| WORK TO COMPLETE |
Wherever the string "Name" shows up in the material below, copy that line.

| GIVEN DATA |
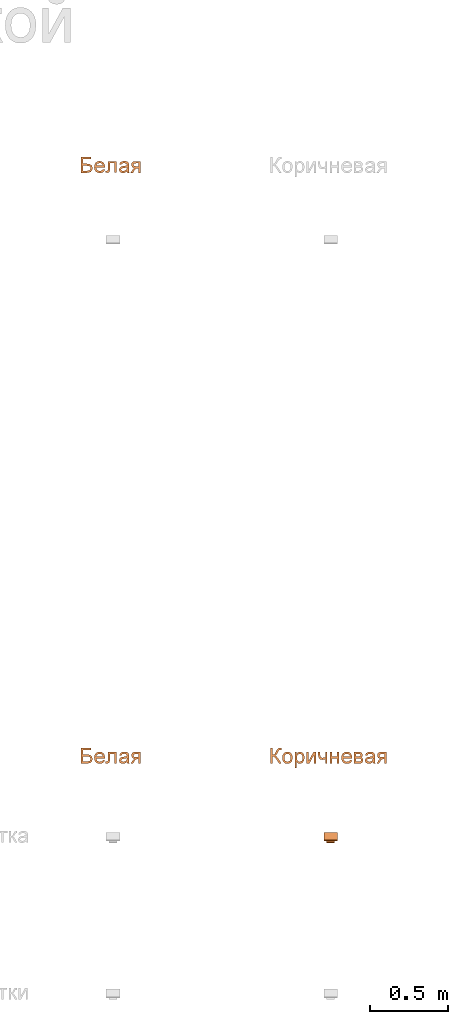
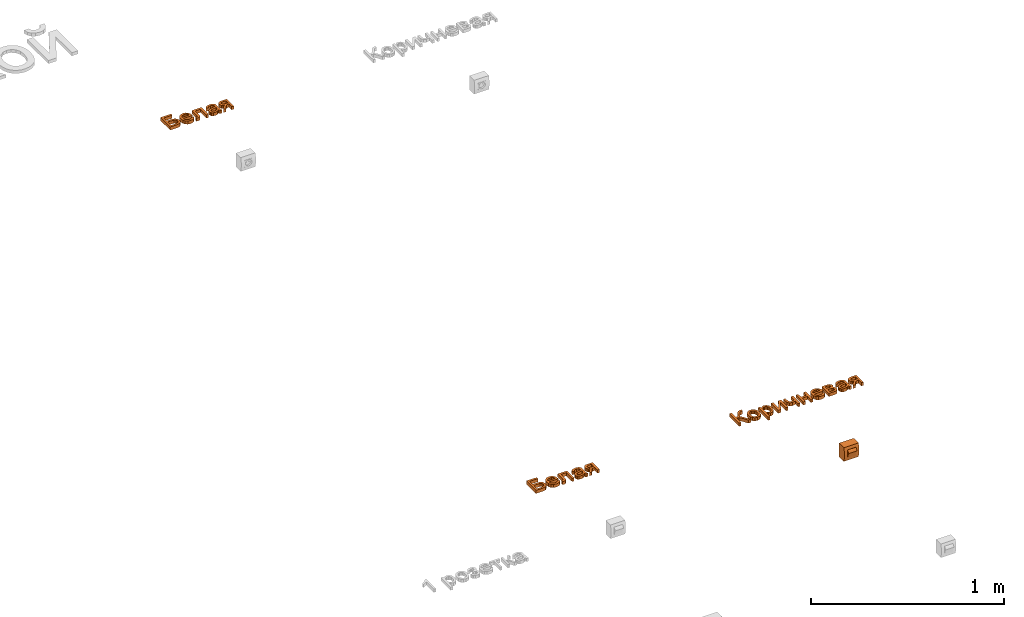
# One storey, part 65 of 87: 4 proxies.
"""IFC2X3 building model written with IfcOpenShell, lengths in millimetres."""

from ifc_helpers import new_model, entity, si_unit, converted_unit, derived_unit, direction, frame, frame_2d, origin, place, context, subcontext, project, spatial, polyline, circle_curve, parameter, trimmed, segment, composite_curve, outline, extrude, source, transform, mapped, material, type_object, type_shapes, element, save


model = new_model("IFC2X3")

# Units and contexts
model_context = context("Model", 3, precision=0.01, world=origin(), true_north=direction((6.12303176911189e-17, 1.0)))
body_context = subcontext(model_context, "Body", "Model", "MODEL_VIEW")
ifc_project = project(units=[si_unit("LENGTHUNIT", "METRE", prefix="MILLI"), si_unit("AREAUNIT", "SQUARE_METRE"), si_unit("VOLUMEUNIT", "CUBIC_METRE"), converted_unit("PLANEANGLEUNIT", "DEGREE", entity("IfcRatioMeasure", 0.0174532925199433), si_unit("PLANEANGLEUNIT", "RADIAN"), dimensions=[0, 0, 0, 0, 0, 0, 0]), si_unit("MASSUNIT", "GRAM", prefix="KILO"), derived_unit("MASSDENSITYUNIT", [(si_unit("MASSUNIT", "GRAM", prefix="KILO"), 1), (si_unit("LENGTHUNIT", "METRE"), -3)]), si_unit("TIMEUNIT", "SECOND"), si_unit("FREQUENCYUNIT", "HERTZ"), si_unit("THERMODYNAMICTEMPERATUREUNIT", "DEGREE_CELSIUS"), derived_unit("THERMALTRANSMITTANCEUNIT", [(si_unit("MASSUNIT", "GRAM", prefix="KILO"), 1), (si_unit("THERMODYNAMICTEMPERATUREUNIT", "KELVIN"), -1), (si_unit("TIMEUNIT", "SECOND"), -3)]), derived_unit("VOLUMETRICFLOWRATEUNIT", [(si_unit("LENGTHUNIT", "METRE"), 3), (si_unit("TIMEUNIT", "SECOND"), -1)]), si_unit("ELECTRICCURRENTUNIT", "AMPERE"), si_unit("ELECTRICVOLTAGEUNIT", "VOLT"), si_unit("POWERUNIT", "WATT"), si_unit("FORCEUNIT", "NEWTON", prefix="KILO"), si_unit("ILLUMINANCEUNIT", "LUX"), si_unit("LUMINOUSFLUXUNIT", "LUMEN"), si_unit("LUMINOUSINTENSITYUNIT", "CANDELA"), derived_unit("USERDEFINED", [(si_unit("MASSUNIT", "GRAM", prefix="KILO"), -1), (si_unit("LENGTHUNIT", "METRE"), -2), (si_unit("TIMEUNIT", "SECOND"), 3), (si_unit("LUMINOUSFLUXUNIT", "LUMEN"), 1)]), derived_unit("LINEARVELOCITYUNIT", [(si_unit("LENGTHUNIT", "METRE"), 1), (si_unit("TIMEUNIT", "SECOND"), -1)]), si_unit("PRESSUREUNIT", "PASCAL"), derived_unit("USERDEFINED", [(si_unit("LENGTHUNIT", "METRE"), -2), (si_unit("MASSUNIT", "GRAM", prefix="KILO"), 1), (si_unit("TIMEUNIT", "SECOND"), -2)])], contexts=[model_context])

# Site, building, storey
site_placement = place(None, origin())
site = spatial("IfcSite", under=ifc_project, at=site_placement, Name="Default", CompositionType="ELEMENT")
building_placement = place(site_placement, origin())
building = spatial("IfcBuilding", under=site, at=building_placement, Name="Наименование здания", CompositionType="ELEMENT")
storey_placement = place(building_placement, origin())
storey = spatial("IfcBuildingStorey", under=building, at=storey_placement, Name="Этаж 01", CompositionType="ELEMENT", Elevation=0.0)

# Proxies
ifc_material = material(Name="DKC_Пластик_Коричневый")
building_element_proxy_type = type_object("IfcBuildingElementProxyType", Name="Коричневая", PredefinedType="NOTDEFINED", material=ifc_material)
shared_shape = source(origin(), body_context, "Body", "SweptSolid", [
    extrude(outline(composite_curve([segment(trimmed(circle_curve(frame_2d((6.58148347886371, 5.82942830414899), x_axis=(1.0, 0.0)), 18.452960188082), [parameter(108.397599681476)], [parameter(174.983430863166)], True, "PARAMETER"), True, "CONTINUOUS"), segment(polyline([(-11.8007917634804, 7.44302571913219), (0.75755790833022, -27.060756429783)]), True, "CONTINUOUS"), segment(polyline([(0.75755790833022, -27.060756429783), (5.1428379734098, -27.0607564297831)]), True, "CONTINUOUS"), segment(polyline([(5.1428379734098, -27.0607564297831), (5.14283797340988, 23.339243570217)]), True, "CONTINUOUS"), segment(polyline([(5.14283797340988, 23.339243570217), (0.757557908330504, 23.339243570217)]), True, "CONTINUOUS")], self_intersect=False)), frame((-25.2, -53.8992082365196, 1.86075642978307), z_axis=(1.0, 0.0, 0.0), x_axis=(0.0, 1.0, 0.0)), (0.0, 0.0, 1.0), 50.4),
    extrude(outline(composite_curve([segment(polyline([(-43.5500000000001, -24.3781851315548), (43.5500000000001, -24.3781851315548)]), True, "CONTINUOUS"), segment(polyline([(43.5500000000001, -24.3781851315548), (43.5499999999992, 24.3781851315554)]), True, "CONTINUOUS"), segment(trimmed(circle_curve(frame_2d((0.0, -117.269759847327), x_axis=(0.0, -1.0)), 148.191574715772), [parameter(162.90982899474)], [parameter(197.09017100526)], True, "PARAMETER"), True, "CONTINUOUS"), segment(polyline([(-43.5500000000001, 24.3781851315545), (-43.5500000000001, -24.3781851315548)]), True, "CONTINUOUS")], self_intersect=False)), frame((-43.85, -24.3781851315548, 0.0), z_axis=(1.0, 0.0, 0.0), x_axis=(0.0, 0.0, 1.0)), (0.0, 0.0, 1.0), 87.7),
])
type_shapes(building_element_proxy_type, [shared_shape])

| TASK ANSWER |
site = spatial("IfcSite", under=ifc_project, at=site_placement, Name="Default", CompositionType="ELEMENT")
building = spatial("IfcBuilding", under=site, at=building_placement, Name="Наименование здания", CompositionType="ELEMENT")
storey = spatial("IfcBuildingStorey", under=building, at=storey_placement, Name="Этаж 01", CompositionType="ELEMENT", Elevation=0.0)
ifc_material = material(Name="DKC_Пластик_Коричневый")
building_element_proxy_type = type_object("IfcBuildingElementProxyType", Name="Коричневая", PredefinedType="NOTDEFINED", material=ifc_material)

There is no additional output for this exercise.